Among these records, which lines include "Origin"? Copy them out.

(Records from a collection)
+++

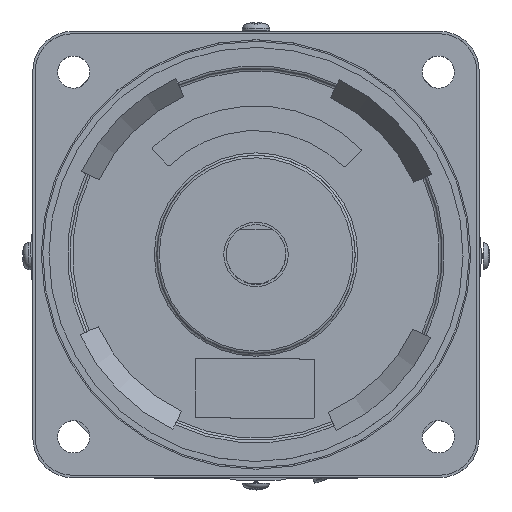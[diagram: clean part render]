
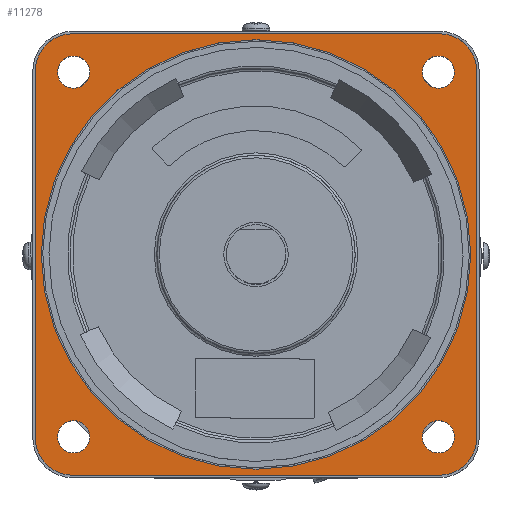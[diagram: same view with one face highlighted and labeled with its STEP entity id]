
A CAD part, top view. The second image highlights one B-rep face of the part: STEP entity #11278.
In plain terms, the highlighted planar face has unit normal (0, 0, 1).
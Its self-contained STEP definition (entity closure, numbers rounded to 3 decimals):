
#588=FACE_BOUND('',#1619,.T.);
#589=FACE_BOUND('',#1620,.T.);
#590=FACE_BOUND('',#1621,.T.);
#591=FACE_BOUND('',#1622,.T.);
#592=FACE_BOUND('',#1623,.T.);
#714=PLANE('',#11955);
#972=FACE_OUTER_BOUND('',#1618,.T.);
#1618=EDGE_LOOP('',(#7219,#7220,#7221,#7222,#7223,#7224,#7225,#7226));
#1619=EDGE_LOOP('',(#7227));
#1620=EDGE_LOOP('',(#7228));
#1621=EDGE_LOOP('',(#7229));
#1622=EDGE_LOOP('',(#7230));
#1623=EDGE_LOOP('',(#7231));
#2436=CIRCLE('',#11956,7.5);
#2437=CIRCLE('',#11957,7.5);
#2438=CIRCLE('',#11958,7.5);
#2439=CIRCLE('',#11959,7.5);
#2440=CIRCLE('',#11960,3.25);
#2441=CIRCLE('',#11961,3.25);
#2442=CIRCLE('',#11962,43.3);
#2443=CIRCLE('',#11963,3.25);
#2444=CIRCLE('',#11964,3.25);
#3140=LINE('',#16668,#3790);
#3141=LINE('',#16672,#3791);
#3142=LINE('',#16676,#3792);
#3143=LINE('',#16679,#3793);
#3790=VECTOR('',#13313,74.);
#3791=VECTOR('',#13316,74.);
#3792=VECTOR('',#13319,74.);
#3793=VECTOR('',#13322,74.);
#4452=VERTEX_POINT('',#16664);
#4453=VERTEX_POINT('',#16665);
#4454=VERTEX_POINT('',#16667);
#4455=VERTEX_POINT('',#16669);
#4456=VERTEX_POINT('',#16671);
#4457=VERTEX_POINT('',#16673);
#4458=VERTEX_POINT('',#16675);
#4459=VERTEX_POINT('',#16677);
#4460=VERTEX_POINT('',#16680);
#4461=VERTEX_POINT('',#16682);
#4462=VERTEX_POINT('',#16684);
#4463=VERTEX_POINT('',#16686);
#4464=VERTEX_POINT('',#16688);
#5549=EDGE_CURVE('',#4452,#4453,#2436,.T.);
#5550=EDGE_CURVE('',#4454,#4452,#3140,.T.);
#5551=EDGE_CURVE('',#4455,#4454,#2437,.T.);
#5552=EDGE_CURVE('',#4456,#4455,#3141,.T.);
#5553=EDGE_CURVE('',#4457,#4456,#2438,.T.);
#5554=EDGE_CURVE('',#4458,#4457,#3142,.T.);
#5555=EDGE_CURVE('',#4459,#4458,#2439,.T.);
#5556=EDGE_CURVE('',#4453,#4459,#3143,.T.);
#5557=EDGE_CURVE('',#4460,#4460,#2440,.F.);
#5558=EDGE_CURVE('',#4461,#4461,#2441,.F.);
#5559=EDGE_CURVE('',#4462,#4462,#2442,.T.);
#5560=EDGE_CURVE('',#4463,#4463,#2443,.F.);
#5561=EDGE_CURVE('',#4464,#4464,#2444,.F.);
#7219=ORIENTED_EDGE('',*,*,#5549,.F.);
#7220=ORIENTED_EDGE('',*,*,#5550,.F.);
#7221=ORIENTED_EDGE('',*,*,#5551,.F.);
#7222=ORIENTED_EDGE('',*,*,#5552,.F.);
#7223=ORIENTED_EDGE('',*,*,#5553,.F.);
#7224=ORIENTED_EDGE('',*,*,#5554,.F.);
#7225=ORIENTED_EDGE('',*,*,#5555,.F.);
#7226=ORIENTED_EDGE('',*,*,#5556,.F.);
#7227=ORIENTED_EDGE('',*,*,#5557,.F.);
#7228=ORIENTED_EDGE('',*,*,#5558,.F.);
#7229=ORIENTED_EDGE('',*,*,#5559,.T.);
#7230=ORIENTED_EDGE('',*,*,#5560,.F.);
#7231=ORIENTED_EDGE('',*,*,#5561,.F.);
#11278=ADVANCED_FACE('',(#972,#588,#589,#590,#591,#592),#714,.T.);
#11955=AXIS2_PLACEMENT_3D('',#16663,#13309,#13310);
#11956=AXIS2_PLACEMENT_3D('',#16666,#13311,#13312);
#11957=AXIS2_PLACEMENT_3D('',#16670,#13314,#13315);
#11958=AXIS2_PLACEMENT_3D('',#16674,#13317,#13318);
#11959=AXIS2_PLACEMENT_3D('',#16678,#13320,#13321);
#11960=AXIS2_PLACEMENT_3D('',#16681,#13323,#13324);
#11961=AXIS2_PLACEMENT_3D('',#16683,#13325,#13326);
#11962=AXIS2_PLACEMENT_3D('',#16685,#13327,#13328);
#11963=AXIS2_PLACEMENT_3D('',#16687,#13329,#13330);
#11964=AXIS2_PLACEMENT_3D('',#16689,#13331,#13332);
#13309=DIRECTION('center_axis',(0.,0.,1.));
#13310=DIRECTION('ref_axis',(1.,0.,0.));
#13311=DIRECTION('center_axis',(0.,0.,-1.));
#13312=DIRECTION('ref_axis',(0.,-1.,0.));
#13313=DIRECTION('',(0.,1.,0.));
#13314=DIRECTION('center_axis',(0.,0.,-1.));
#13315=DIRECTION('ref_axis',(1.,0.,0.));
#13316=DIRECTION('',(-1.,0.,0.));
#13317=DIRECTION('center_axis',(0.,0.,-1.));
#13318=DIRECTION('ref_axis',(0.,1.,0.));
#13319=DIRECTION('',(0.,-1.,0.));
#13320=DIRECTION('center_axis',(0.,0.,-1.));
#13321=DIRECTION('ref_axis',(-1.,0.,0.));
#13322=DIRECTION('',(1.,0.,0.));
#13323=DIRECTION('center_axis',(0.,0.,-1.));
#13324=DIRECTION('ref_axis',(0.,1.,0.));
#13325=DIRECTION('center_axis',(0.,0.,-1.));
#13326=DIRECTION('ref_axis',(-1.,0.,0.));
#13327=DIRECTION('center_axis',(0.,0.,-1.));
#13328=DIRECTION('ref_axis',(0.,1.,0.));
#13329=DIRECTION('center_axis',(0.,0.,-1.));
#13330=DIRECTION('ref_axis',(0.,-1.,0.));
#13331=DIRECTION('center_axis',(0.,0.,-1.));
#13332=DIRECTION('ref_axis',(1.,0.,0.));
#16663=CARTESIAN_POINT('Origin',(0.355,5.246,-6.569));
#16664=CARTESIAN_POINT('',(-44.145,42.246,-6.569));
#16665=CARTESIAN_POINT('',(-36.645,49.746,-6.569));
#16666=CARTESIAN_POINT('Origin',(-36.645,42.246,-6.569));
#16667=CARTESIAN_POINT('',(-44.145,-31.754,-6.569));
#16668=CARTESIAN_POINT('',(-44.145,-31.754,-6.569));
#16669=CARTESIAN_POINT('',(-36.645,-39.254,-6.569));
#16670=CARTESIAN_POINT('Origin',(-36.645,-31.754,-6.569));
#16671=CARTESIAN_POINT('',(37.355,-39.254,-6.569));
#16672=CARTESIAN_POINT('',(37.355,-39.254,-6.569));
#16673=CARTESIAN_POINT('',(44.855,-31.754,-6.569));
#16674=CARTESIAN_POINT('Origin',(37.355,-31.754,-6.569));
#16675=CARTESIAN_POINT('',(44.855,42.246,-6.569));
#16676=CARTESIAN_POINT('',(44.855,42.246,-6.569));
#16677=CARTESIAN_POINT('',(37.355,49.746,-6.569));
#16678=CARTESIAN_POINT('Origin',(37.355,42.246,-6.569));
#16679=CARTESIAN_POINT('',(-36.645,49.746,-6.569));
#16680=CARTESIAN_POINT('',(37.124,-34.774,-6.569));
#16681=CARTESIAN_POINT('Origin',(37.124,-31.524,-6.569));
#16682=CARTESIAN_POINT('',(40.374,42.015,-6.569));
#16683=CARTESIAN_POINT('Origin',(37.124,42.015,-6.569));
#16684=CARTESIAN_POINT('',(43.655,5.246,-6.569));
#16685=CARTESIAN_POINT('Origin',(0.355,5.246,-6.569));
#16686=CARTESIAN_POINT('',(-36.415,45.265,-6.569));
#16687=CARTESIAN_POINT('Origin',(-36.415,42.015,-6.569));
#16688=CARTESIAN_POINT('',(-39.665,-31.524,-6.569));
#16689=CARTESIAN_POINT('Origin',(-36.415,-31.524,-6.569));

+++

#### [Output below]
#16663=CARTESIAN_POINT('Origin',(0.355,5.246,-6.569));
#16666=CARTESIAN_POINT('Origin',(-36.645,42.246,-6.569));
#16670=CARTESIAN_POINT('Origin',(-36.645,-31.754,-6.569));
#16674=CARTESIAN_POINT('Origin',(37.355,-31.754,-6.569));
#16678=CARTESIAN_POINT('Origin',(37.355,42.246,-6.569));
#16681=CARTESIAN_POINT('Origin',(37.124,-31.524,-6.569));
#16683=CARTESIAN_POINT('Origin',(37.124,42.015,-6.569));
#16685=CARTESIAN_POINT('Origin',(0.355,5.246,-6.569));
#16687=CARTESIAN_POINT('Origin',(-36.415,42.015,-6.569));
#16689=CARTESIAN_POINT('Origin',(-36.415,-31.524,-6.569));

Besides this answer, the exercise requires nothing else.